Easy to find a free pdf
It's especially fun seeing his blog going back 33 years.
Can someone explain how is that from a high resolution image of the die the microcode can be reconstructed? I'm really curious, what's the process? Is the output some sort of Verilog? Does the process involve recognizing each and every transistor and model a circuit from that? I'm fascinated that something like this is possible at all...
https://youtu.be/HwEdqAb2l50?si=VFLed64PZvpCHfy1
More modern devices are of course more difficult due to layers, feature size, and less visually obvious ROM bit designs.
Anyway, the impressive part of this project was really understanding the undocumented microcode assembly language through inference and trace following; the 1s and 0s look like they were the easy part!
1. Extract the ROM bits. 2. Determine physical-to-logical bit ordering. 3. Identify microinstruction boundaries. 4. Infer field boundaries. 5. Associate fields with hardware destinations (check with die tracing). 6. Decode instruction-dispatch programmable logic arrays. 7. Associate x86 instructions with microcode entry points. 8. Infer repeated idioms: moves, ALU ops, termination, calls, tests, redirects. 9. Decode accelerator protocols. 10. Validate against known architectural behavior.
For people that don’t have access to a uni, I recommend nand2tetris.org
In a way I guess the instructions in nand2tetris are the microcode. The bits of the instructions directly control the hardware with the first bit choosing 2 instruction types, so there’s only 1 step of code per instruction, unlike with microcode where an instruction can have any number of microcode steps.
In Ben Eater’s series of videos building an 8-bit CPU on breadboards he has ROMs that are indexed by the opcode (4 bits of the instruction) + a step counter to determine the control word. The ROM stands in for what could be done with sufficiently complicated logic gates. I like it as a next step on the hardware side as you get hands on experience with electronics and having to troubleshoot it.
It’s disappointing how it only has 16 bytes of RAM so you can’t really build higher levels of abstraction like you can with nand2tetris. But at that point you could (I should) either redo it with a better design (and put it on PCBs) or move on to the 6502 project, and then since that puts together a timer, CPU, ROM, RAM, I/O, UART, etc. mentally group those together and move on to microcontrollers that already have them together.
Anyone interested in reading about how a CPU could be made out of logic gates could also read Code by Charles Petzold (moves slower, recently updated) and/or Pattern on the Stone by Danny Hillis (moves faster).
Edit: I just checked Code (2nd edition) and that uses a 4 bit cycle counter and hard logic gates to determine what to do each cycle. But then it uses an array of diodes for part of the logic. Would that be considered microcode?

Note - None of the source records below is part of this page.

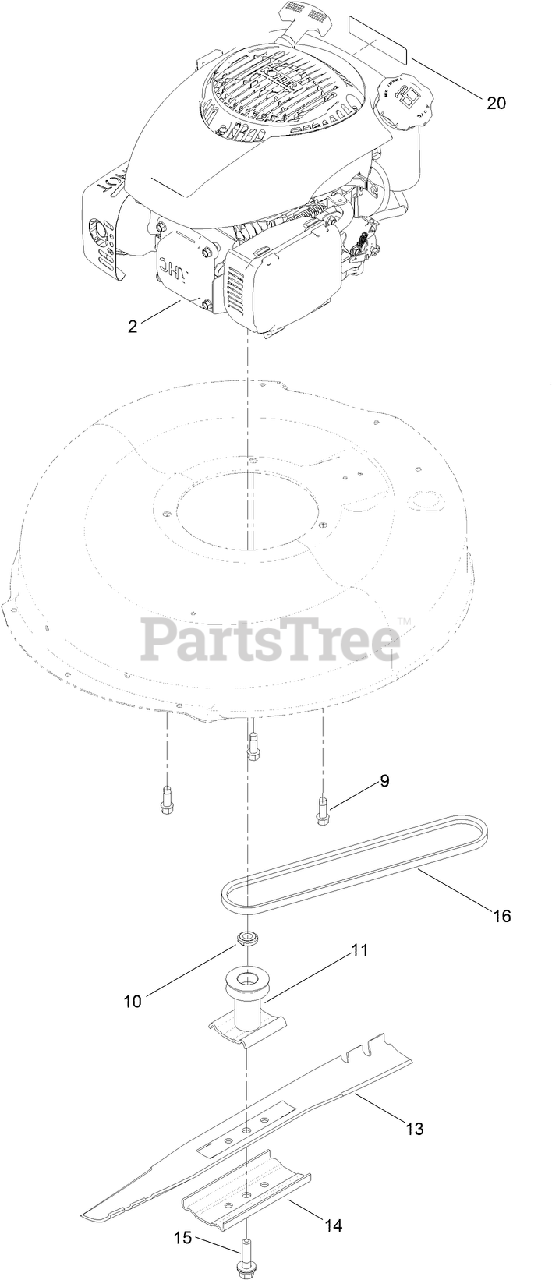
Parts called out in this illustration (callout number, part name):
9	SCREW-TAPTITE
10	SPACER-DRIVER
11	DRIVER-BLADE
14	SUPPORT-BLADE
15	BOLT-BLADE
20	DECAL-ARRESTER, SPARK
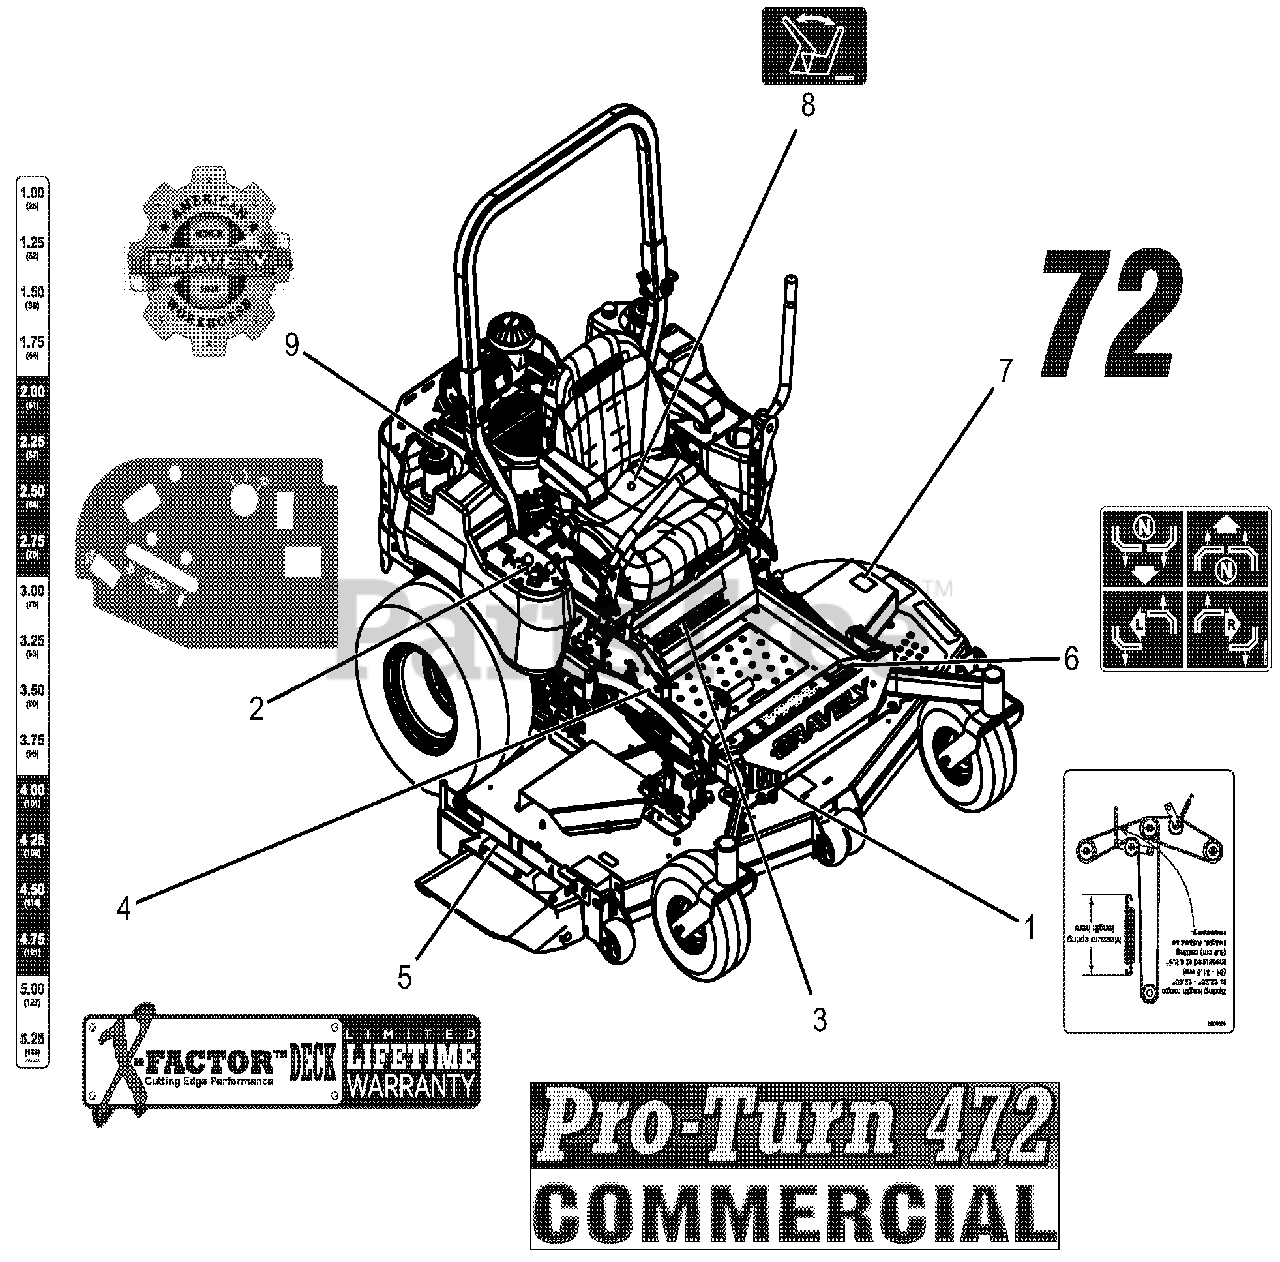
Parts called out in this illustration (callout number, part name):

[0] there were classes that covered more advanced (pipelined) CPUs in another CS class but not at quite a low level where you felt like you could make one yourself
There certainly is no need to go to university to learn chip design. Watching a few Alan Kay talks [3] or browsing Bitsavers computer designs [4] are good starting points.

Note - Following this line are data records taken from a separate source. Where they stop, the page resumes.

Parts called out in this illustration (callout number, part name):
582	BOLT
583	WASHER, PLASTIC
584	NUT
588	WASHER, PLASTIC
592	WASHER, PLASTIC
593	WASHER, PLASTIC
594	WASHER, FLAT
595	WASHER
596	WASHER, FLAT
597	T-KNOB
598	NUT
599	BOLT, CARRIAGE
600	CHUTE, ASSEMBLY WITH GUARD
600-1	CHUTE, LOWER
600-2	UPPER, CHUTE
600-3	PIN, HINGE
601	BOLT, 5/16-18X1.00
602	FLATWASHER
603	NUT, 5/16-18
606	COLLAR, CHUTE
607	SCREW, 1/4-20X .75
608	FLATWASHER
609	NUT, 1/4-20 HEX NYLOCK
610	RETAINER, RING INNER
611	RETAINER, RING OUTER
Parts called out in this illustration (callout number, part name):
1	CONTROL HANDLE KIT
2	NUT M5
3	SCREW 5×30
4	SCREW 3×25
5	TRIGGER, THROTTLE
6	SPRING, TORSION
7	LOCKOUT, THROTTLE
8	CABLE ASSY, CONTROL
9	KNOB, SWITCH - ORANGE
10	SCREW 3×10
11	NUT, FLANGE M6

We made an easier way (than FPGA) to simulate and convert your gate level design into transistors on a chip (for less than $200 in 2026). We call it Morphle Logic [1].
Eventually you grow into making the largest fastest and cheapest supercomputer wafer scale integration [2].

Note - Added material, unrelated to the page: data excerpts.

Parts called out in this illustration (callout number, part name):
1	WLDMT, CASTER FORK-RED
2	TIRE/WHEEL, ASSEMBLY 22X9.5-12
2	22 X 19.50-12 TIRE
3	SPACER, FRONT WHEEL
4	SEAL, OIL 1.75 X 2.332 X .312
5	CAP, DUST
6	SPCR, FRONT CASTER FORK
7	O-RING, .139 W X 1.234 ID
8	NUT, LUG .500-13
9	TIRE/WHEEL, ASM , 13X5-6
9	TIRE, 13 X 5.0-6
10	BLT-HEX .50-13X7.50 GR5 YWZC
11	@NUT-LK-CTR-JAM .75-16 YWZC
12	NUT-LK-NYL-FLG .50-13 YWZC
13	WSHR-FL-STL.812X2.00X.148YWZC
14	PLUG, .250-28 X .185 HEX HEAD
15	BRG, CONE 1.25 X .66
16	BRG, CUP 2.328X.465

[1] https://github.com/fiberhood/MorphleLogic/blob/main/README_M...
[2]https://www.youtube.com/watch?v=vbqKClBwFwI
[3] https://www.youtube.com/watch?v=f1605Zmwek8
[4] http://bitsavers.informatik.uni-stuttgart.de/pdf/xerox/alto/...
It's not really needless complication of there is a reason for the complication. Obvioudsly in this case the need to be backward compatible with an old design made the implemtation more complicated than if they didn't need to do that. There were very, very strong business reasons why backward compatibility was a design requirment.